Brendan Macken has also taken the decision to hang up his boots. Having played 50 times for Leinster, Macken also lined out for Gloucester Rugby, Wasps and London Irish. Just 29, recent seasons have been plagued by injury leading the former Finance and Accounting student to step up his involvement with David James Wealth, with whom he has been working part-time in recent years.
There were several former professionals involved in a recent coaching reshuffle at Irish senior and U20 levels.
Capped 108 times by Ireland, Paul O’Connell has answered Andy Farrell’s call ahead of the 2021 Guinness Six Nations. O’Connell joins the national coaching set-up as forwards coach with Simon Easterby assuming duties for defence. Meanwhile, former Ulster Rugby scrum-half Kieran Campbell has moved into the role of Head Coach for the Irish U20s with Denis Leamy named as one of his assistants.
As a Tipperary native, Leamy would have been very familiar with Alan Tynan. Having led Roscrea CC to a first Leinster Schools’ Senior Cup title in 2015, great things were expected of the talented out-half. However, having been released by Munster last year, the talented sportsman returned his attentions to hurling and this month was called into the Tipperary senior hurling squad.
As part of a series of interviews with former rugby players and their experience of the transition, Garry Doyle of The42.ie spoke with Barry Daly. Now based in Massachusetts, Daly secured a scholarship at the Boston College Carroll School of Management with the help of Rugby Players Ireland.

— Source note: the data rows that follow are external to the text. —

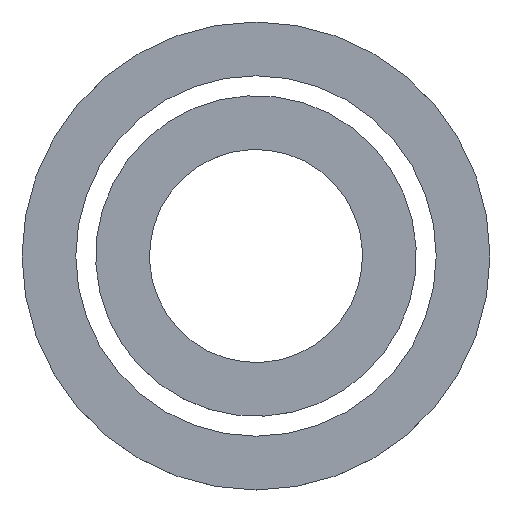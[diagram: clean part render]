
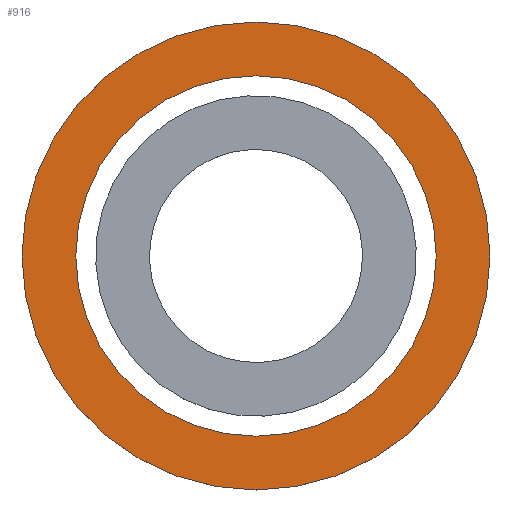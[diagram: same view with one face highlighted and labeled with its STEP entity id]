
A CAD part, top view. The second image highlights one B-rep face of the part: STEP entity #916.
In plain terms, the highlighted planar face has unit normal (0, 0, 1).
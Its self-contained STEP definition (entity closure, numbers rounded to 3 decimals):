
#827=CARTESIAN_POINT('',(0.,0.,12.1));
#828=DIRECTION('',(0.,0.,-1.));
#829=DIRECTION('',(-1.,0.,0.));
#830=AXIS2_PLACEMENT_3D('',#827,#828,#829);
#832=CARTESIAN_POINT('',(0.,0.,12.1));
#833=DIRECTION('',(0.,0.,-1.));
#834=DIRECTION('',(1.,0.,0.));
#835=AXIS2_PLACEMENT_3D('',#832,#833,#834);
#837=CARTESIAN_POINT('',(0.,0.,12.1));
#838=DIRECTION('',(0.,0.,1.));
#839=DIRECTION('',(-1.,0.,0.));
#840=AXIS2_PLACEMENT_3D('',#837,#838,#839);
#842=CARTESIAN_POINT('',(0.,0.,12.1));
#843=DIRECTION('',(0.,0.,1.));
#844=DIRECTION('',(1.,0.,0.));
#845=AXIS2_PLACEMENT_3D('',#842,#843,#844);
#883=CARTESIAN_POINT('',(-11.75,0.,12.1));
#884=CARTESIAN_POINT('',(11.75,0.,12.1));
#885=VERTEX_POINT('',#883);
#886=VERTEX_POINT('',#884);
#887=CARTESIAN_POINT('',(-9.05,0.,12.1));
#888=CARTESIAN_POINT('',(9.05,0.,12.1));
#889=VERTEX_POINT('',#887);
#890=VERTEX_POINT('',#888);
#899=CARTESIAN_POINT('',(0.,0.,12.1));
#900=DIRECTION('',(0.,0.,1.));
#901=DIRECTION('',(1.,0.,0.));
#902=AXIS2_PLACEMENT_3D('',#899,#900,#901);
#903=PLANE('',#902);
#905=ORIENTED_EDGE('',*,*,#904,.T.);
#907=ORIENTED_EDGE('',*,*,#906,.T.);
#908=EDGE_LOOP('',(#905,#907));
#909=FACE_OUTER_BOUND('',#908,.F.);
#911=ORIENTED_EDGE('',*,*,#910,.T.);
#913=ORIENTED_EDGE('',*,*,#912,.T.);
#914=EDGE_LOOP('',(#911,#913));
#915=FACE_BOUND('',#914,.F.);
#916=ADVANCED_FACE('',(#909,#915),#903,.T.);
#831=CIRCLE('',#830,11.75);
#836=CIRCLE('',#835,11.75);
#841=CIRCLE('',#840,9.05);
#846=CIRCLE('',#845,9.05);
#904=EDGE_CURVE('',#885,#886,#831,.T.);
#906=EDGE_CURVE('',#886,#885,#836,.T.);
#910=EDGE_CURVE('',#889,#890,#841,.T.);
#912=EDGE_CURVE('',#890,#889,#846,.T.);

Following a hard-hitting episode of his ‘Where is My Mind’ podcast pertaining to his experiences of professional rugby, we followed up with former Leinster Rugby Player Neil Breslin. While acknowledging the work of Rugby Players Ireland and initiatives like the Tackle Your Feeling campaign, Bressie claims there is a level of tokenism in other sporting organisations and urged all to up their game. Since speaking to us, Bressie has continued the conversation with Rugby Players Ireland.
Mental Wellbeing Service
Rugby Players Ireland has a dedicated Player Wellbeing Service which provides our members with access to services to help them look after their mental health and wellbeing. This service can be availed of through our Player Development Mangers who act as a conduit the the large number of providers in our network.
Additonally, Rugby Players Ireland has participated in the Ohana Zero Suicide Awareness Training. The programme, which was launched by Su Carty with the help of Alan Quinlan, Bernard Jackman and Tania Ross,aims to equip people with the skills to navigate difficult conversations and identify suicidal behaviours.